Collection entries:
* * *
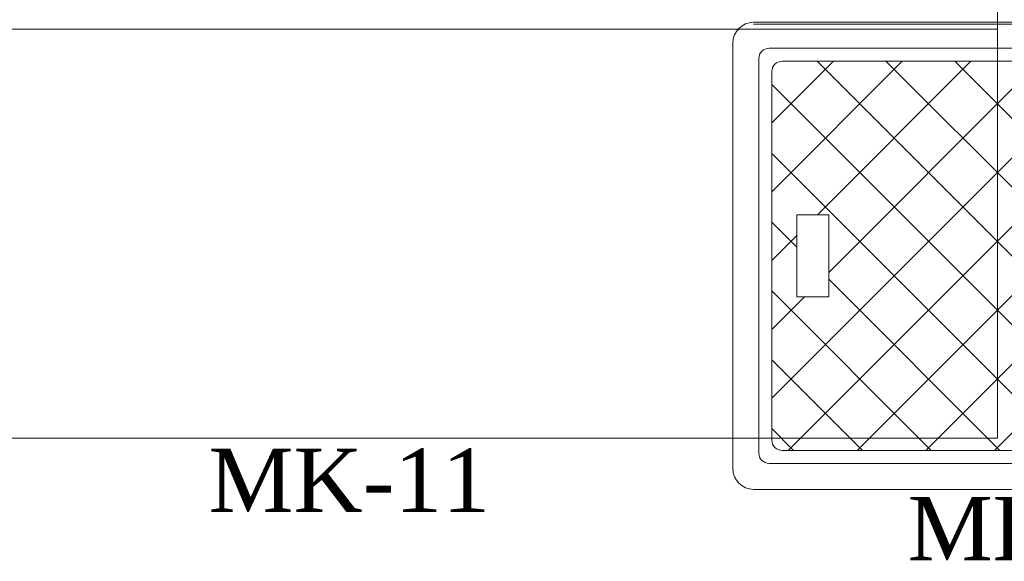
# Model space of a CAD drawing. Extents: x 3940905 to 4145695, y 925352 to 1109797.
# Tile 334 of 656: x 3984246 to 3985211, y 1098863 to 1099393. Entities that reach past the tile are written whole.
import ezdxf

# ---------------------------------------------------------------- set-up
doc = ezdxf.new("R2010")
doc.units = 0
doc.header["$LTSCALE"] = 750
doc.header["$MEASUREMENT"] = 0
doc.linetypes.add('DASHED', pattern=[0.75, 0.5, -0.25])
doc.layers.add('CKD Equipments', color=252, linetype='CONTINUOUS', lineweight=0)
doc.layers.add('PDF_A - TEXT', color=7, linetype='CONTINUOUS')
doc.styles.add('CKD_Dimension Text', font='BOOKOS.TTF')

msp = doc.modelspace()

# ---------------------------------------------------------------- linework, layer by layer
at = {"layer": 'CKD Equipments', "linetype": 'DASHED', "ltscale": 25}
for p, q in [((3985203.96, 1098983.43), (3985203.96, 1099425.59)), ((3983116.6, 1098983.43), (3985203.96, 1098983.43))]:
    msp.add_line(p, q, dxfattribs=at)
at = {"layer": 'CKD Equipments', "color": 252, "true_color": 0x989898}
msp.add_line((3985203.96, 1099383.86), (3982320.72, 1099383.86), dxfattribs=at)
at = {"layer": 'CKD Equipments', "color": 6}
for p, q in [((3984965.05, 1099390.57), (3985053.4, 1099390.57)), ((3985053.4, 1099388.86), (3984965.05, 1099388.86)), ((3985053.4, 1099390.57), (3985534.01, 1099390.57)), ((3985534.01, 1099388.86), (3985053.4, 1099388.86)), ((3984944.73, 1098953.69), (3984944.73, 1099370.25)), ((3984980.29, 1099365.17), (3985053.4, 1099365.17)), ((3985053.4, 1099365.17), (3985518.77, 1099365.17)), ((3984970.13, 1098968.93), (3984970.13, 1099355.01)), ((3984992.99, 1099352.47), (3985506.07, 1099352.47)), ((3984982.83, 1098981.63), (3984982.83, 1099342.31)), ((3985007.31, 1099202.03), (3985038.6, 1099202.03)), ((3985007.31, 1099202.03), (3985007.31, 1099121.91)), ((3985038.6, 1099202.03), (3985038.6, 1099121.91)), ((3985007.31, 1099121.91), (3985038.6, 1099121.91)), ((3985506.07, 1098971.47), (3984992.99, 1098971.47)), ((3985053.4, 1098958.77), (3984980.29, 1098958.77)), ((3985452.73, 1098958.77), (3985046.33, 1098958.77)), ((3985518.77, 1098958.77), (3985053.4, 1098958.77)), ((3985053.4, 1098933.37), (3984965.05, 1098933.37)), ((3985534.01, 1098933.37), (3985053.4, 1098933.37))]:
    msp.add_line(p, q, dxfattribs=at)
at = {"layer": 'CKD Equipments', "linetype": 'Continuous'}
for p, q in [((3984982.83, 1099292.07), (3985043.23, 1099352.47)), ((3984982.83, 1099224.72), (3985110.58, 1099352.47)), ((3984982.83, 1099022.66), (3985312.64, 1099352.47)), ((3984998.99, 1098971.47), (3985379.99, 1099352.47)), ((3985027.34, 1099352.47), (3985408.34, 1098971.47)), ((3985027.49, 1099202.03), (3985177.93, 1099352.47)), ((3985038.6, 1099145.78), (3985245.28, 1099352.47)), ((3985066.34, 1098971.47), (3985447.34, 1099352.47)), ((3985094.69, 1099352.47), (3985475.69, 1098971.47)), ((3985133.69, 1098971.47), (3985512.17, 1099349.94)), ((3985162.04, 1099352.47), (3985516.23, 1098998.28)), ((3984982.83, 1099329.63), (3985340.99, 1098971.47)), ((3985201.04, 1098971.47), (3985516.23, 1099286.65)), ((3984982.83, 1099262.27), (3985273.63, 1098971.47)), ((3984982.83, 1099194.92), (3985007.31, 1099170.44)), ((3984982.83, 1099157.37), (3985007.31, 1099181.85)), ((3985038.6, 1099139.15), (3985206.28, 1098971.47)), ((3984982.83, 1099127.57), (3985138.93, 1098971.47)), ((3984982.83, 1099090.01), (3985014.73, 1099121.91)), ((3984982.83, 1099060.22), (3985071.58, 1098971.47)), ((3984982.83, 1098992.87), (3985004.23, 1098971.47))]:
    msp.add_line(p, q, dxfattribs=at)
at = {"layer": 'CKD Equipments', "color": 6}
for centre, radius, start, end in [((3984965.05, 1099370.25), 20.32, 90, 180), ((3984980.29, 1099355.01), 10.16, 90, 180), ((3984992.99, 1099342.31), 10.16, 90, 180), ((3984992.99, 1098981.63), 10.16, 180, 270), ((3984980.29, 1098968.93), 10.16, 180, 270), ((3984965.05, 1098953.69), 20.32, 180, 270)]:
    msp.add_arc(centre, radius, start, end, dxfattribs=at)

# ---------------------------------------------------------------- texts
at = {"layer": 'PDF_A - TEXT', "attachment_point": 1, "style": 'CKD_Dimension Text'}
for s, insert, char_height, width in [('MK-11', (3984431.24, 1098973.22), 61.963, 1204.0964), ('\\pxqc;MK-36', (3984899.55, 1098926.04), 61.9627, 708.3945)]:
    msp.add_mtext(s, dxfattribs=dict(at, insert=insert, char_height=char_height, width=width))

doc.saveas('drawing.dxf')
* * *
Your task: Copy out each line of the entries above that holds "color".

Response to this exercise:
doc.layers.add('CKD Equipments', color=252, linetype='CONTINUOUS', lineweight=0)
doc.layers.add('PDF_A - TEXT', color=7, linetype='CONTINUOUS')
at = {"layer": 'CKD Equipments', "color": 252, "true_color": 0x989898}
at = {"layer": 'CKD Equipments', "color": 6}
at = {"layer": 'CKD Equipments', "color": 6}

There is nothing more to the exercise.